Time for an update

Feb 28, 2009

Hello ya'll!

It's terrible of me not to get in here and update more often but life happens and that's what is happening in my life as of late. I am down 144 lbs. now and am 12 lbs. away from my goal. I am wearing a size 10 and small and mediums...it's such a delight to be average. I had a lower original goal of 137 but truthfully I don't want to be that small so I will be happy at 156. It's been a year a 2 months since surgery and I am looking forward to having a tummy tuck within the next month. Dr. McCurry will be my surgeon.

My health has greatly improved though I'm still not 100%. I just recently had lithotripsy for the 5th time to get rid of kidney stones and I still suffer a great deal from my gout. It looks like gouty arthritis is going to be my lifelong friend whether I want it or not. I recently went to the doctor and was shocked to discover I have lost an inche and a half of height since surgery, this worries me because it doesn't seem possible. I'm thinking I probably need to have a bone density test and see if I am having problems with my bones. I know that I don't take my calcuim near enough so maybe that has hindered me.

Surgery changes everything and as a result I witnessed the end of my marriage of 6 yrs. but life does move on and I am happy. I am dating a real nice guy and the future looks hopeful. I miss all my friends on here but I just don't have as much time on the computer as I would like too but I do hope and pray you all are doing fine. My daughter, Sierra has recovered nicely from her spine surgery and has very little pain, she enjoys doing just about everything now with no problems...God is good!

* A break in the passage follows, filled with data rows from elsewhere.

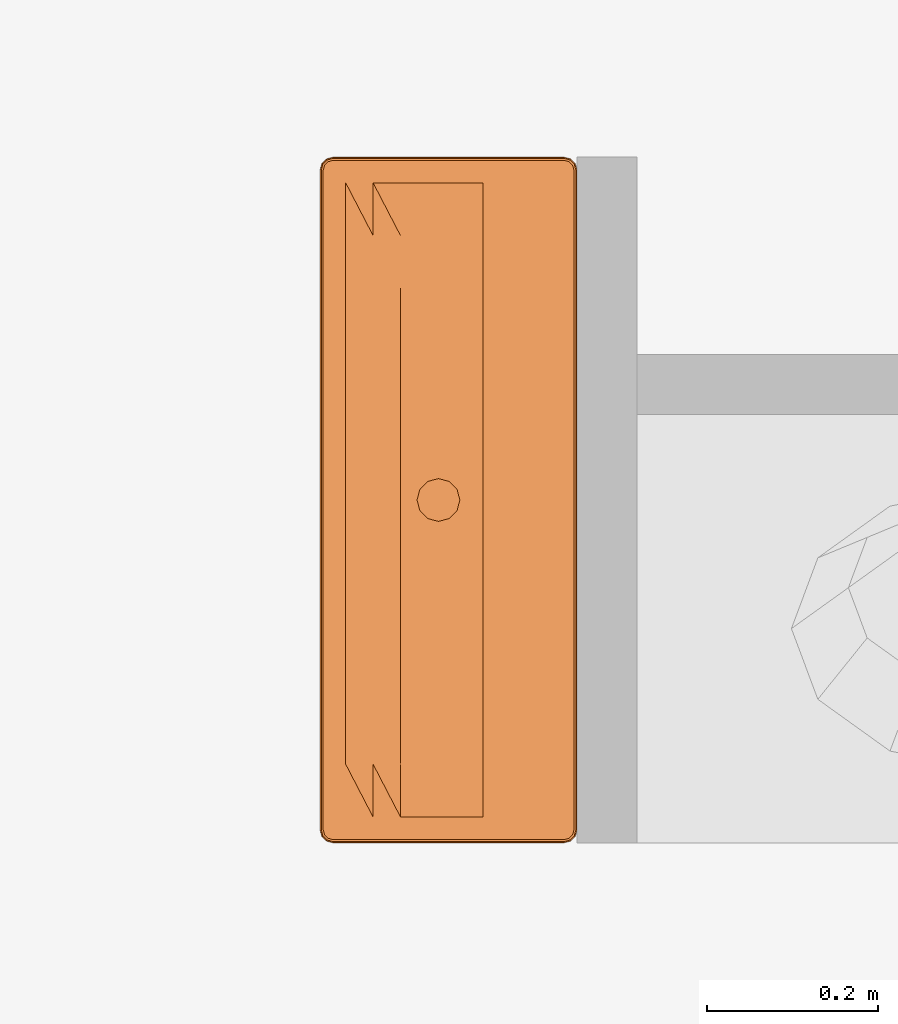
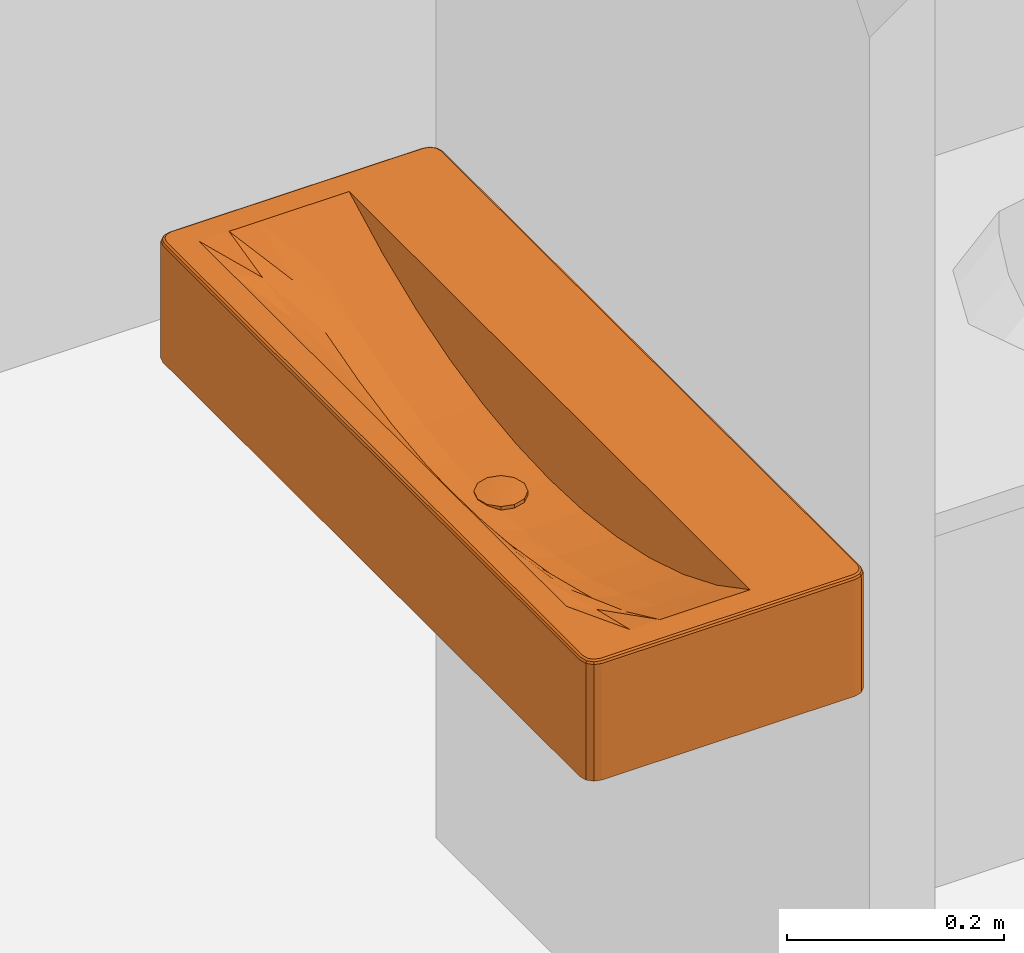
# One storey, part 61 of 64: 1 proxy.
"""IFC2X3 building model written with IfcOpenShell, lengths in metres."""

from ifc_helpers import new_model, entity, si_unit, converted_unit, derived_unit, direction, frame, origin, place, context, subcontext, project, spatial, faceted_brep, source, transform, mapped, material, type_object, type_shapes, element, save


model = new_model("IFC2X3")

# Units and contexts
model_context = context("Model", 3, precision=1e-05, world=origin(), true_north=direction((6.123031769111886e-17, 1.0)))
body_context = subcontext(model_context, "Body", "Model", "MODEL_VIEW")
ifc_project = project(units=[si_unit("LENGTHUNIT", "METRE"), si_unit("AREAUNIT", "SQUARE_METRE"), si_unit("VOLUMEUNIT", "CUBIC_METRE"), converted_unit("PLANEANGLEUNIT", "DEGREE", entity("IfcRatioMeasure", 0.017453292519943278), si_unit("PLANEANGLEUNIT", "RADIAN"), dimensions=[0, 0, 0, 0, 0, 0, 0]), si_unit("MASSUNIT", "GRAM", prefix="KILO"), derived_unit("MASSDENSITYUNIT", [(si_unit("MASSUNIT", "GRAM", prefix="KILO"), 1), (si_unit("LENGTHUNIT", "METRE"), -3)]), derived_unit("MOMENTOFINERTIAUNIT", [(si_unit("LENGTHUNIT", "METRE"), 4)]), si_unit("TIMEUNIT", "SECOND"), si_unit("FREQUENCYUNIT", "HERTZ"), si_unit("THERMODYNAMICTEMPERATUREUNIT", "DEGREE_CELSIUS"), derived_unit("THERMALTRANSMITTANCEUNIT", [(si_unit("MASSUNIT", "GRAM", prefix="KILO"), 1), (si_unit("THERMODYNAMICTEMPERATUREUNIT", "KELVIN"), -1), (si_unit("TIMEUNIT", "SECOND"), -3)]), derived_unit("THERMALCONDUCTANCEUNIT", [(si_unit("MASSUNIT", "GRAM", prefix="KILO"), 1), (si_unit("LENGTHUNIT", "METRE"), 1), (si_unit("THERMODYNAMICTEMPERATUREUNIT", "KELVIN"), -1), (si_unit("TIMEUNIT", "SECOND"), -3)]), derived_unit("VOLUMETRICFLOWRATEUNIT", [(si_unit("LENGTHUNIT", "METRE"), 3), (si_unit("TIMEUNIT", "SECOND"), -1)]), derived_unit("MASSFLOWRATEUNIT", [(si_unit("MASSUNIT", "GRAM", prefix="KILO"), 1), (si_unit("TIMEUNIT", "SECOND"), -1)]), derived_unit("ROTATIONALFREQUENCYUNIT", [(si_unit("TIMEUNIT", "SECOND"), -1)]), si_unit("ELECTRICCURRENTUNIT", "AMPERE"), si_unit("ELECTRICVOLTAGEUNIT", "VOLT"), si_unit("POWERUNIT", "WATT"), si_unit("FORCEUNIT", "NEWTON", prefix="KILO"), si_unit("ILLUMINANCEUNIT", "LUX"), si_unit("LUMINOUSFLUXUNIT", "LUMEN"), si_unit("LUMINOUSINTENSITYUNIT", "CANDELA"), derived_unit("USERDEFINED", [(si_unit("MASSUNIT", "GRAM", prefix="KILO"), -1), (si_unit("LENGTHUNIT", "METRE"), -2), (si_unit("TIMEUNIT", "SECOND"), 3), (si_unit("LUMINOUSFLUXUNIT", "LUMEN"), 1)]), derived_unit("USERDEFINED", [(si_unit("MASSUNIT", "GRAM", prefix="KILO"), 1), (si_unit("LENGTHUNIT", "METRE"), 3), (si_unit("TIMEUNIT", "SECOND"), -3), (si_unit("ELECTRICCURRENTUNIT", "AMPERE"), -2)]), derived_unit("USERDEFINED", [(si_unit("LENGTHUNIT", "METRE"), 2), (si_unit("TIMEUNIT", "SECOND"), -2)]), derived_unit("SOUNDPOWERUNIT", [(si_unit("MASSUNIT", "GRAM", prefix="KILO"), 1), (si_unit("LENGTHUNIT", "METRE"), 2), (si_unit("TIMEUNIT", "SECOND"), -3)]), derived_unit("SOUNDPRESSUREUNIT", [(si_unit("MASSUNIT", "GRAM", prefix="KILO"), 1), (si_unit("LENGTHUNIT", "METRE"), -1), (si_unit("TIMEUNIT", "SECOND"), -2)]), derived_unit("LINEARVELOCITYUNIT", [(si_unit("LENGTHUNIT", "METRE"), 1), (si_unit("TIMEUNIT", "SECOND"), -1)]), si_unit("PRESSUREUNIT", "PASCAL"), derived_unit("USERDEFINED", [(si_unit("LENGTHUNIT", "METRE"), -2), (si_unit("MASSUNIT", "GRAM", prefix="KILO"), 1), (si_unit("TIMEUNIT", "SECOND"), -2)]), derived_unit("LINEARFORCEUNIT", [(si_unit("MASSUNIT", "GRAM", prefix="KILO"), 1), (si_unit("LENGTHUNIT", "METRE"), 1), (si_unit("TIMEUNIT", "SECOND"), -2), (si_unit("LENGTHUNIT", "METRE"), -1)]), derived_unit("PLANARFORCEUNIT", [(si_unit("MASSUNIT", "GRAM", prefix="KILO"), 1), (si_unit("LENGTHUNIT", "METRE"), 1), (si_unit("TIMEUNIT", "SECOND"), -2), (si_unit("LENGTHUNIT", "METRE"), -2)]), derived_unit("SPECIFICHEATCAPACITYUNIT", [(si_unit("LENGTHUNIT", "METRE"), 2), (si_unit("TIMEUNIT", "SECOND"), -2), (si_unit("THERMODYNAMICTEMPERATUREUNIT", "KELVIN"), -1)]), derived_unit("VAPORPERMEABILITYUNIT", [(si_unit("TIMEUNIT", "SECOND"), 1), (si_unit("LENGTHUNIT", "METRE"), -1)]), derived_unit("DYNAMICVISCOSITYUNIT", [(si_unit("MASSUNIT", "GRAM", prefix="KILO"), 1), (si_unit("LENGTHUNIT", "METRE"), -1), (si_unit("TIMEUNIT", "SECOND"), -1)]), derived_unit("THERMALEXPANSIONCOEFFICIENTUNIT", [(si_unit("THERMODYNAMICTEMPERATUREUNIT", "KELVIN"), -1)])], contexts=[model_context])

# Site, building, storey
site_placement = place(None, origin())
site = spatial("IfcSite", under=ifc_project, at=site_placement, Name="Default", CompositionType="ELEMENT")
building_placement = place(site_placement, origin())
building = spatial("IfcBuilding", under=site, at=building_placement, CompositionType="ELEMENT")
storey_placement = place(building_placement, origin())
storey = spatial("IfcBuildingStorey", under=building, at=storey_placement, Name="REZ-DE-CHAUSSÉE", CompositionType="ELEMENT", Elevation=0.0)

# Proxy
ifc_material = material(Name="Déco - Céramique / Porcelaine")
building_element_proxy_type = type_object("IfcBuildingElementProxyType", Name="Symb-0001", PredefinedType="NOTDEFINED", material=ifc_material)
shared_shape = source(origin(), body_context, "Body", "Brep", [
    faceted_brep([(0.0, 0.015000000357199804, 0.0), (0.0, 0.7850000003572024, 0.0), (0.002009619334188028, 0.7925000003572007, 0.0), (0.007500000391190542, 0.797990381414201, 0.0), (0.015000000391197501, 0.800000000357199, 0.0), (0.2850000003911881, 0.800000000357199, 0.0), (0.29250000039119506, 0.797990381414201, 0.0), (0.29799038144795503, 0.7925000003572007, 0.0), (0.3000000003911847, 0.7850000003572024, 0.0), (0.3000000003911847, 0.015000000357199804, 0.0), (0.29799038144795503, 0.007500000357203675, 0.0), (0.29250000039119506, 0.00200961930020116, 0.0), (0.2850000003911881, 0.0, 0.0), (0.015000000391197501, 0.0, 0.0), (0.007500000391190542, 0.00200961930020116, 0.0), (0.002009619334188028, 0.007500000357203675, 0.0), (0.03000000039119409, 0.7700000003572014, 0.0), (0.03000000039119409, 0.030000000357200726, 0.0), (0.19000000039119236, 0.030000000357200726, 0.0), (0.19000000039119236, 0.7700000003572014, 0.0), (0.0, 0.015000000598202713, 0.13000000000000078), (0.0, 0.7850000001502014, 0.13000000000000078), (0.0020096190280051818, 0.7925000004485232, 0.13000000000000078), (0.007500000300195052, 0.79799038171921, 0.13000000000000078), (0.01500000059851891, 0.8000000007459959, 0.13000000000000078), (0.28500000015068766, 0.8000000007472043, 0.13000000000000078), (0.29250000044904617, 0.797990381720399, 0.13000000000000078), (0.29799038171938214, 0.7925000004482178, 0.13000000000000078), (0.300000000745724, 0.7850000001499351, 0.13000000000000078), (0.3000000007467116, 0.015000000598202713, 0.13000000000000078), (0.2979903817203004, 0.007500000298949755, 0.13000000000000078), (0.2925000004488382, 0.0020096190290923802, 0.13000000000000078), (0.2850000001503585, 0.0, 0.13000000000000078), (0.015000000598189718, 0.0, 0.13000000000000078), (0.00750000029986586, 0.0020096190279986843, 0.13000000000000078), (0.002009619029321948, 0.007500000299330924, 0.13000000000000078), (0.03000000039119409, 0.7700000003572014, 0.13499999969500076), (0.03000000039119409, 0.030000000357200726, 0.13499999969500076), (0.19000000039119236, 0.030000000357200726, 0.13499999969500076), (0.19000000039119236, 0.7700000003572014, 0.13499999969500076), (0.00017037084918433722, 0.01502243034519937, 0.13129409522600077), (0.00017037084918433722, 0.7849775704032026, 0.13129409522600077), (0.002162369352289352, 0.7924118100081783, 0.13129409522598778), (0.007588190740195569, 0.7978376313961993, 0.13129409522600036), (0.015022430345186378, 0.7998296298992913, 0.13129409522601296), (0.2849775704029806, 0.7998296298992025, 0.1312940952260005), (0.2924118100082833, 0.7978376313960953, 0.13129409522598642), (0.29783763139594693, 0.7924118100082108, 0.13129409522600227), (0.2998296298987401, 0.7849775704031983, 0.13129409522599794), (0.29982962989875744, 0.01502243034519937, 0.13129409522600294), (0.29783763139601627, 0.007588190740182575, 0.1312940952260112), (0.29241181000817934, 0.0021623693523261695, 0.1312940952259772), (0.2849775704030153, 0.00017037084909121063, 0.1312940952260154), (0.015022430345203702, 0.00017037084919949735, 0.1312940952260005), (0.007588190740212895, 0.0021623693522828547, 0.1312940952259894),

It's funny that I am just now beginning to see the real me, not the former fat me. I still do some things that I did when I was fat like turn sideways to go down a narrow pathway because I think I am too big...etc...it's funny how are mind plays these tricks on us. I still grab hold of the door when we turn in the car because I think I am going to fall over as a result of my weight. Of course then I realize that without all the weight I don't move as far...lol I still go in the big stall in public restrooms or look at the smaller ones and worry I won't fit. I still look down my naked body and think I am big but when I look in the mirror I finally see that I am not. There are so many things I still do differently thinking I have to compensate for my bigness but I know in time that too will stop, it's just all very new to me. I also thought that losing weight would give me my self esteem back but I still struggle with those big demons and realize now that I will have to have some counseling to see that I truly do have self worth.

Well gotta go. Take care!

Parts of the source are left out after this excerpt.